Find the value of k_{1} by Runge-Kutta method of fourth order if dy/dx = 2x + 3y^{2} and y(0.1) = 1.1165, h = 0.1.

**Solution:**

Given,

dy/dx = 2x + 3y^{2} and y(0.1) = 1.1165, h = 0.1

So, f(x, y) = 2x + 3y^{2}

x_{0} = 0.1, y_{0} = 1.1165

By Runge-Kutta method of fourth order , we have

k_{1} = hf(x_{0}, y_{0})

= (0.1) f(0.1, 1.1165)

= (0.1) [2(0.1) + 3(1.1165)^{2}]

= (0.1) [0.2 + 3(1.2465)]

= (0.1)(0.2 + 3.7395)

= (0.1)(3.9395)

= 0.39395

### Runge-Kutta RK4 Method Problems

- Using the Runge-Kutta method of order 4, find y(0.2) if dy/dx = (y – x)/(y + x), y(0) = 1 and h = 0.2.
- Find the value of y(0.3) from the differential equation dy/dx = 3e
^{x}+ 2y; y(0) = 0, h = 0.3 by the fourth order Runge-Kutta method. - Using RK4 method to find y(0.2) and y(0.4) if dy/dx = 1 + y + x
^{2}; y(0) = 0.5

## Frequently Asked Questions on Runge-Kutta RK4 Method

Q1

### What is the formula of the Runge-Kutta fourth order method?
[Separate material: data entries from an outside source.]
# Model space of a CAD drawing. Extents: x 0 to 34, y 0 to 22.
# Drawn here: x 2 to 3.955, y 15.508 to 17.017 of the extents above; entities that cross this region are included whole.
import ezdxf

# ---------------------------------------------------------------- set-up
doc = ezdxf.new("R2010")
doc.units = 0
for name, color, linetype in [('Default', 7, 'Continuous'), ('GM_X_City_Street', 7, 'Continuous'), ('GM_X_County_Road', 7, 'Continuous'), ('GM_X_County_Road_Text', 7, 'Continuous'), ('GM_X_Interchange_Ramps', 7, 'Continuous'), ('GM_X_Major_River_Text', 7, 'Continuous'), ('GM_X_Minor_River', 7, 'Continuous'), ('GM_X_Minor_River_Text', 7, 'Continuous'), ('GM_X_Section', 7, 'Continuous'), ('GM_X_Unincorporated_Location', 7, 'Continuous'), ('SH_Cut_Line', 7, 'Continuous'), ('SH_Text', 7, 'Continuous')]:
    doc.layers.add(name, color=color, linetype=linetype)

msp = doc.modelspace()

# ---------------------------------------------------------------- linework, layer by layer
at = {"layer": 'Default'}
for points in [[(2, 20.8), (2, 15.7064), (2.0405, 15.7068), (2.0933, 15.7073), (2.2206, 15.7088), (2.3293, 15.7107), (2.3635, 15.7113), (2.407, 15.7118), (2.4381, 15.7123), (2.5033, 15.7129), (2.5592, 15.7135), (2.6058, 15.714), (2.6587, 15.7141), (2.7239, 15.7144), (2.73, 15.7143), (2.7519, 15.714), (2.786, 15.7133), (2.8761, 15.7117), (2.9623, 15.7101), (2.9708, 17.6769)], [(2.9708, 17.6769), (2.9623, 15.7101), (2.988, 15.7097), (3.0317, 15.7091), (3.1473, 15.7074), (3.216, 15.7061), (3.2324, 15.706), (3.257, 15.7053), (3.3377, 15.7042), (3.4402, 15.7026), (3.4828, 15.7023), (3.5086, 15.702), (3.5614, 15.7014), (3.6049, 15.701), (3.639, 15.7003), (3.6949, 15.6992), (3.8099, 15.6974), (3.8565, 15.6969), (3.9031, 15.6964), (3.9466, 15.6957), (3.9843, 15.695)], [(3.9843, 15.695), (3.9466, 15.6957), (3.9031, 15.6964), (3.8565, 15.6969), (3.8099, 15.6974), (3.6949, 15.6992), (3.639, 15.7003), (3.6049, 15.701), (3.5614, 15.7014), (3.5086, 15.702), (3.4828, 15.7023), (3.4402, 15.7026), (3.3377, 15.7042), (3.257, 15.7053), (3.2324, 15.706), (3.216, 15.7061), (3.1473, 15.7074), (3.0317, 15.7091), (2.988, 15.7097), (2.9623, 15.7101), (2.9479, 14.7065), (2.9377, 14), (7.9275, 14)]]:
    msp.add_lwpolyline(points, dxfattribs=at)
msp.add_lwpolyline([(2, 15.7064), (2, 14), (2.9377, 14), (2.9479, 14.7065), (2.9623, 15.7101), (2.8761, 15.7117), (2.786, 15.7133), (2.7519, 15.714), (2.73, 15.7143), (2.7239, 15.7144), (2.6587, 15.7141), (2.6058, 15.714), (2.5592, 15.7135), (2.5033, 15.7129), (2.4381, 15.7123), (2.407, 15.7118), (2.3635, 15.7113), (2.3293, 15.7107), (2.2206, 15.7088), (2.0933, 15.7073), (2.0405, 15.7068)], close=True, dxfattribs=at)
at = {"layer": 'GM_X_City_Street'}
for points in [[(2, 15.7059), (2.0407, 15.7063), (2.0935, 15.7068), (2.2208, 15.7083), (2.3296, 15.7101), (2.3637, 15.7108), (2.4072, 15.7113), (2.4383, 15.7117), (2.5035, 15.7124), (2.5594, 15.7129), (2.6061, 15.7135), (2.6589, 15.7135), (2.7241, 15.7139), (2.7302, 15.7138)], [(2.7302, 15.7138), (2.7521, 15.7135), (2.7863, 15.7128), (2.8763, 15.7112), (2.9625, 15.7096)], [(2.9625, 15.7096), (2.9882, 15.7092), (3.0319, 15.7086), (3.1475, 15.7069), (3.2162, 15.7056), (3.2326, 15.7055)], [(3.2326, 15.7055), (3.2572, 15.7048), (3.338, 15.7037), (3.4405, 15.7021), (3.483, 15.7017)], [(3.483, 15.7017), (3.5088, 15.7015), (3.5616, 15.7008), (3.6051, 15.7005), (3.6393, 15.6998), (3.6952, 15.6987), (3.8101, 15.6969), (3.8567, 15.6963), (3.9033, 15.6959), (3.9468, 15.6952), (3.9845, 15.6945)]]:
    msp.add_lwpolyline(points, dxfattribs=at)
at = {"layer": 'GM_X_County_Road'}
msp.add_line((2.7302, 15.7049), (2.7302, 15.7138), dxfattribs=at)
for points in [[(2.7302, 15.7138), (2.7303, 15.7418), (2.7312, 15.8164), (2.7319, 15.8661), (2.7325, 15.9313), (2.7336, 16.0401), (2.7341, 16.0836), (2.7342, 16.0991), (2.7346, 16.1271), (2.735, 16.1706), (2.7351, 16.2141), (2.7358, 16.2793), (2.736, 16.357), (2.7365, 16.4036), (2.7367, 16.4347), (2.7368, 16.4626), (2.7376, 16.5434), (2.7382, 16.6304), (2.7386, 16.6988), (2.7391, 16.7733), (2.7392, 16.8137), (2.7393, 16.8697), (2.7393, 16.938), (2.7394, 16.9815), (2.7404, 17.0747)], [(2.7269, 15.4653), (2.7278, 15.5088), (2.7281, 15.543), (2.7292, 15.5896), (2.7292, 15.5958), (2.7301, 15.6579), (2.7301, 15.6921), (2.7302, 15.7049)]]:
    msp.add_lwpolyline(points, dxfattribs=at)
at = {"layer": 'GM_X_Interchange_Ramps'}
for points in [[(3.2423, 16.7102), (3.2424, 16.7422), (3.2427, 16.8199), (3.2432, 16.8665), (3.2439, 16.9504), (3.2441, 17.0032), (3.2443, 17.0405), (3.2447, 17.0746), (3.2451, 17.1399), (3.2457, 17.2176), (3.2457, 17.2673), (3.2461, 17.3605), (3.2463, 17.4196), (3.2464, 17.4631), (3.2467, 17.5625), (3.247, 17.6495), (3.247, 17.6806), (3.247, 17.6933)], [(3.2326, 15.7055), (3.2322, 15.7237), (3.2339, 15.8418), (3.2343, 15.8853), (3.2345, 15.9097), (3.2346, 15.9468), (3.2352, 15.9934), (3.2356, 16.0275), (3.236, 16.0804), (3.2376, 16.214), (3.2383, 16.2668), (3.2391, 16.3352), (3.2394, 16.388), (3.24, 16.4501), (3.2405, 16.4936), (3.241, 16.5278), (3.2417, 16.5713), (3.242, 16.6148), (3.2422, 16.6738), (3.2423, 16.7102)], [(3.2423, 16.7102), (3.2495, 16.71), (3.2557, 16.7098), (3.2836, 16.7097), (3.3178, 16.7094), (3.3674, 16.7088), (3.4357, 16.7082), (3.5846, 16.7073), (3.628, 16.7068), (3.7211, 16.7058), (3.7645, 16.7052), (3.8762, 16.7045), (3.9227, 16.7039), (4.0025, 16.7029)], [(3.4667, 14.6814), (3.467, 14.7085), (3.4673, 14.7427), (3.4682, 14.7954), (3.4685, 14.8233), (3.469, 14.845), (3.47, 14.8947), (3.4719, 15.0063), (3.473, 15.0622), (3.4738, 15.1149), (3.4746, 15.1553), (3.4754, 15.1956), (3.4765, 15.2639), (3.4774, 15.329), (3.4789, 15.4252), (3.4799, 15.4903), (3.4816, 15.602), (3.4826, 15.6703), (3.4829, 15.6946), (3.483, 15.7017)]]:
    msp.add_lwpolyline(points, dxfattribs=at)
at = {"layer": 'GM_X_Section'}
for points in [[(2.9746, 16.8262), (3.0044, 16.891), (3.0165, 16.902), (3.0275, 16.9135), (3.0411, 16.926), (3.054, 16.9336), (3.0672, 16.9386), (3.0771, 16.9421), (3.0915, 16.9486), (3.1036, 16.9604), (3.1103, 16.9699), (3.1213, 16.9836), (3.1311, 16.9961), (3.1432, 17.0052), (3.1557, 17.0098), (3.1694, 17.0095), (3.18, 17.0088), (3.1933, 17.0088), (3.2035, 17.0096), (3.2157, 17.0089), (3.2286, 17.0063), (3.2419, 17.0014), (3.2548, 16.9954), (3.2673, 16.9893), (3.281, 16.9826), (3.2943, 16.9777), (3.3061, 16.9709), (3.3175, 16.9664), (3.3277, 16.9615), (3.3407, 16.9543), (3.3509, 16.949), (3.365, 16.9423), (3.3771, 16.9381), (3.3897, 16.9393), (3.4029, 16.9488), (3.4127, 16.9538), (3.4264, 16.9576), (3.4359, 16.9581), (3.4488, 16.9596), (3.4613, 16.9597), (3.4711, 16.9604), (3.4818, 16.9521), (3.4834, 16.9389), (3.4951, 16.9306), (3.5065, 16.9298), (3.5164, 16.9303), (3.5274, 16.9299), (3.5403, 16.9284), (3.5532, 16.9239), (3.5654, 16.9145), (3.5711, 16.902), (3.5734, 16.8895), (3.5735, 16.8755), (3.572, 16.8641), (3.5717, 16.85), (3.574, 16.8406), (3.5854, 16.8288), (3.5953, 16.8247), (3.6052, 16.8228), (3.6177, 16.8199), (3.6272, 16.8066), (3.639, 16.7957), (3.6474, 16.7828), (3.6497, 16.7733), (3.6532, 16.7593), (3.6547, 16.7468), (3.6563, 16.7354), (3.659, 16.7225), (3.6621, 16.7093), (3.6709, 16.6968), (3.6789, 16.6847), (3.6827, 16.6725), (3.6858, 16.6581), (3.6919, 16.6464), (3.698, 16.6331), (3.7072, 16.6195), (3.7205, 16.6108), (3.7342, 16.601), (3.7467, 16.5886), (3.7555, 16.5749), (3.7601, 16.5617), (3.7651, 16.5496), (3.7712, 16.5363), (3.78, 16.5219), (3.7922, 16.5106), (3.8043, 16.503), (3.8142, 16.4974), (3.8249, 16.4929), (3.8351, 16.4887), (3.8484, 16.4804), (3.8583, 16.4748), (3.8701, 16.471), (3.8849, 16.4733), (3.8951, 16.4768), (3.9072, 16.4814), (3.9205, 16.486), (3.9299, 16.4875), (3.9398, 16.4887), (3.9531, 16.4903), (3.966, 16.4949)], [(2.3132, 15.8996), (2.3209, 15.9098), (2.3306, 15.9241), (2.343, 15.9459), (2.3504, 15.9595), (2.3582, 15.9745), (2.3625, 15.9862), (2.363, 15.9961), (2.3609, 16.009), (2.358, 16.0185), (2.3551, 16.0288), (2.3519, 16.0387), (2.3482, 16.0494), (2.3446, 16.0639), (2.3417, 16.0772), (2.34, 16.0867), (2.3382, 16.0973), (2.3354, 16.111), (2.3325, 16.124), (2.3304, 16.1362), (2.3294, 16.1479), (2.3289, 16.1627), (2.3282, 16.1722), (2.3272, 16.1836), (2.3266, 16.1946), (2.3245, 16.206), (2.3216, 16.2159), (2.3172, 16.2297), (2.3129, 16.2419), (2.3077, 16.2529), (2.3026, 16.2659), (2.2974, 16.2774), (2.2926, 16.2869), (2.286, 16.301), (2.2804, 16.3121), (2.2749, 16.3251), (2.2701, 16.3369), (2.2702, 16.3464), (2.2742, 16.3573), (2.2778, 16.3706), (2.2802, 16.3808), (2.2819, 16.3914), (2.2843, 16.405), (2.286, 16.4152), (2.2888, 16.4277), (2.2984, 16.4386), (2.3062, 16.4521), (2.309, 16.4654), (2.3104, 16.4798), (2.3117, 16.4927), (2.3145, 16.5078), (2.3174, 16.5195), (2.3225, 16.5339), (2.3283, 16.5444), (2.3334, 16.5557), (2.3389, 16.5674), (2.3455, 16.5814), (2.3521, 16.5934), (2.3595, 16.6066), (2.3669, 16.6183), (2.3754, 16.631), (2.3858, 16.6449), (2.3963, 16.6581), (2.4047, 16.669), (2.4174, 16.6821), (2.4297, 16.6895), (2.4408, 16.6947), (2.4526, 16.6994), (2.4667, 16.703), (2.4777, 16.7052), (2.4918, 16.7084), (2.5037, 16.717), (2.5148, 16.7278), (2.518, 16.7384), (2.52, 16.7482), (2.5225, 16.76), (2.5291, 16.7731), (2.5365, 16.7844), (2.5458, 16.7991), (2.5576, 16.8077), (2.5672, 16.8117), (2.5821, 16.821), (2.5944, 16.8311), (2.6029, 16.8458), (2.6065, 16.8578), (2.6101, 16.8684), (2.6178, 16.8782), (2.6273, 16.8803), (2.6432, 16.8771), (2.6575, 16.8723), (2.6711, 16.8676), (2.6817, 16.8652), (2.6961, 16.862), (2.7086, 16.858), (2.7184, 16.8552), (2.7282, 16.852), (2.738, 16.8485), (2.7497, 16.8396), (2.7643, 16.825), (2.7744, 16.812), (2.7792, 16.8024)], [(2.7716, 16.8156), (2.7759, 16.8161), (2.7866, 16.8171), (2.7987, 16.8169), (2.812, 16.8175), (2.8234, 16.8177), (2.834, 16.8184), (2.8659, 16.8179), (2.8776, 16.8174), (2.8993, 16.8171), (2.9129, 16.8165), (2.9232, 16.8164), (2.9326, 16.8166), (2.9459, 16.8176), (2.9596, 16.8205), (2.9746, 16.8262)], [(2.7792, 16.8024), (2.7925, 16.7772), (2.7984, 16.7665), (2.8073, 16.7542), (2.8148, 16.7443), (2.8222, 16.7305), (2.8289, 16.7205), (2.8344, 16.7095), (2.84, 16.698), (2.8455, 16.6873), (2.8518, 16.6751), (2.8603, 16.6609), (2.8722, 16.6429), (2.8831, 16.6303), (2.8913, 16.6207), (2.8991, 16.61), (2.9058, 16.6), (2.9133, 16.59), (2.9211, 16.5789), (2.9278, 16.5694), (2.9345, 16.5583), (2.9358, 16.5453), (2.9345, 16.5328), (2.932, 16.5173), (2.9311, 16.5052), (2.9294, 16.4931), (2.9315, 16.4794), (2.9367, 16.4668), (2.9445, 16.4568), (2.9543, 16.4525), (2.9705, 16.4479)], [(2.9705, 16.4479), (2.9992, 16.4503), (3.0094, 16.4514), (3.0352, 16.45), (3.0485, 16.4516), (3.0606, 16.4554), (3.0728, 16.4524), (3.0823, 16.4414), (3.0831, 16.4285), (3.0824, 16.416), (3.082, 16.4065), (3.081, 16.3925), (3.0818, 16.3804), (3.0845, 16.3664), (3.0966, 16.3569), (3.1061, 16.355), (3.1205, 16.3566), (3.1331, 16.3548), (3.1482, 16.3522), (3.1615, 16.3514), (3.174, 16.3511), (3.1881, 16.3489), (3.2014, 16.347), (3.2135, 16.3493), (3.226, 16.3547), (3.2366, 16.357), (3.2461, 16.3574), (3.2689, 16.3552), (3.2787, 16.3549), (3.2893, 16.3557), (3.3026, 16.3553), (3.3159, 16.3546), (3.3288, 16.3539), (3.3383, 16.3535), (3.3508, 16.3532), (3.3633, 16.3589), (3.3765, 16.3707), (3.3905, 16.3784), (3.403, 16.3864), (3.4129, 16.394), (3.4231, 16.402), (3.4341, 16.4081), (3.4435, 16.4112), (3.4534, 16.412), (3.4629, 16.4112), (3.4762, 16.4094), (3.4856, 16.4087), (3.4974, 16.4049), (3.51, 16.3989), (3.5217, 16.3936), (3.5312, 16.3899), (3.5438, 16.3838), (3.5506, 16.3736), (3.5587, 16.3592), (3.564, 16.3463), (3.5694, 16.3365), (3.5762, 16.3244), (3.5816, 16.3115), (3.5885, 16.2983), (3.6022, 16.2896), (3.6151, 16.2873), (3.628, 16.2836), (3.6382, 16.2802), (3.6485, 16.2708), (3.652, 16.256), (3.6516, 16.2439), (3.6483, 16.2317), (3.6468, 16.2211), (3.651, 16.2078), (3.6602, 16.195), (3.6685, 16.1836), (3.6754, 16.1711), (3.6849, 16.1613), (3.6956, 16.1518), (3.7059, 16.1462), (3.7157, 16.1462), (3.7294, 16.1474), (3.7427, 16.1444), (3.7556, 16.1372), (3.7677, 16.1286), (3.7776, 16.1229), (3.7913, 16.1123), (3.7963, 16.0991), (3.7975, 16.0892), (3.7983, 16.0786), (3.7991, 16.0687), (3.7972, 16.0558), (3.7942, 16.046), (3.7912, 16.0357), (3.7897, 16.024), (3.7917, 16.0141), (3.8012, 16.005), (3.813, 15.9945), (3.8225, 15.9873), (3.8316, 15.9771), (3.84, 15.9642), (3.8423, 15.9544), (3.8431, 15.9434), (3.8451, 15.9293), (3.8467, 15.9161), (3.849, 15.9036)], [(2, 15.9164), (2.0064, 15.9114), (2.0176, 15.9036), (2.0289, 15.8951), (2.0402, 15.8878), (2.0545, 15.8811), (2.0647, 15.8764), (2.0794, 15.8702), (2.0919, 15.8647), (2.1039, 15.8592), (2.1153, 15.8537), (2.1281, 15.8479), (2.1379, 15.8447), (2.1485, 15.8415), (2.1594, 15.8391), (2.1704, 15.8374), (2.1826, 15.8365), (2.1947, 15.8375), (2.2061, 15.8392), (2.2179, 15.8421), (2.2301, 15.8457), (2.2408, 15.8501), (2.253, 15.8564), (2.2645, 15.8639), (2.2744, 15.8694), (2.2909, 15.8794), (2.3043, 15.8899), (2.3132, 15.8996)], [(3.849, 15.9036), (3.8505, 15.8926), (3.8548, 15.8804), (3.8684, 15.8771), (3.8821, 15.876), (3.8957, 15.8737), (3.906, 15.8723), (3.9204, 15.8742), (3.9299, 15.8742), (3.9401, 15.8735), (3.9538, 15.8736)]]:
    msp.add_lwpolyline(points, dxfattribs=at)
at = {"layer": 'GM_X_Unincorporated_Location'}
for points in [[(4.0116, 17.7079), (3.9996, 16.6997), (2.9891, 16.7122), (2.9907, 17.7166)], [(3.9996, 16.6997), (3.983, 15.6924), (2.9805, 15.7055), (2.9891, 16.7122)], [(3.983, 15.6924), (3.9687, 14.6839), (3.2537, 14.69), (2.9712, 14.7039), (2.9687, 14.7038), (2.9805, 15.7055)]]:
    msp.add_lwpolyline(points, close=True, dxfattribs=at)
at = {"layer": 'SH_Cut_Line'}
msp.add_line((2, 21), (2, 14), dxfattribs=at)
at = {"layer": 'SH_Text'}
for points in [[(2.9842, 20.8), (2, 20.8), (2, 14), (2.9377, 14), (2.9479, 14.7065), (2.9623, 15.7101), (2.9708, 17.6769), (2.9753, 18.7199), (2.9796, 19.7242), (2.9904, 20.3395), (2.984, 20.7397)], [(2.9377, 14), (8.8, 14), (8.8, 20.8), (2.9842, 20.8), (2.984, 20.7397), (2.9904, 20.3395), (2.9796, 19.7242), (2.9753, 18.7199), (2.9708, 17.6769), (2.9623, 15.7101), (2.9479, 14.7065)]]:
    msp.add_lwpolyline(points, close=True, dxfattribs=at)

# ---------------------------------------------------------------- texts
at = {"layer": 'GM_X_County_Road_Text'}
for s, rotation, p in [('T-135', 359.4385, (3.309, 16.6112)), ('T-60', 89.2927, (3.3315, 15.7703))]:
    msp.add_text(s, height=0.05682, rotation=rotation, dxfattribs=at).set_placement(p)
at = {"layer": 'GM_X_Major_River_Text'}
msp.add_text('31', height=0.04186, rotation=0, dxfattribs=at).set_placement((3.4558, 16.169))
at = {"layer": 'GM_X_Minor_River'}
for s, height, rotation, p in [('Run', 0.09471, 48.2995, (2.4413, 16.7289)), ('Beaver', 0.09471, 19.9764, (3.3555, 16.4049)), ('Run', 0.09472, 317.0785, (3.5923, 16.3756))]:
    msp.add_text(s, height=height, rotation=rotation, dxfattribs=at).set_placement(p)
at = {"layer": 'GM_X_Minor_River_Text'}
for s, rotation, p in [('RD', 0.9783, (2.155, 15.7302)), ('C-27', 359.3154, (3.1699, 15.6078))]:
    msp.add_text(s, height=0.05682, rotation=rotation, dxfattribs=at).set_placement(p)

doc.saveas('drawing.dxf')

The formula of the Runge-Kutta fourth order method is given as:

y_{1} = y_{0} + (⅙) (k_{1} + 2k_{2} + 2k_{3} + k_{4})

Q2

### What order is RK4?

The name RK4 itself indicates that it is the fourth order Runge-Kutta method. That means, the order is 4.

Q3

### How many gradient evaluations are required for each iteration of a fourth-order Runge Kutta algorithm?

Four gradient evaluations are required for each iteration of a fourth-order Runge Kutta algorithm.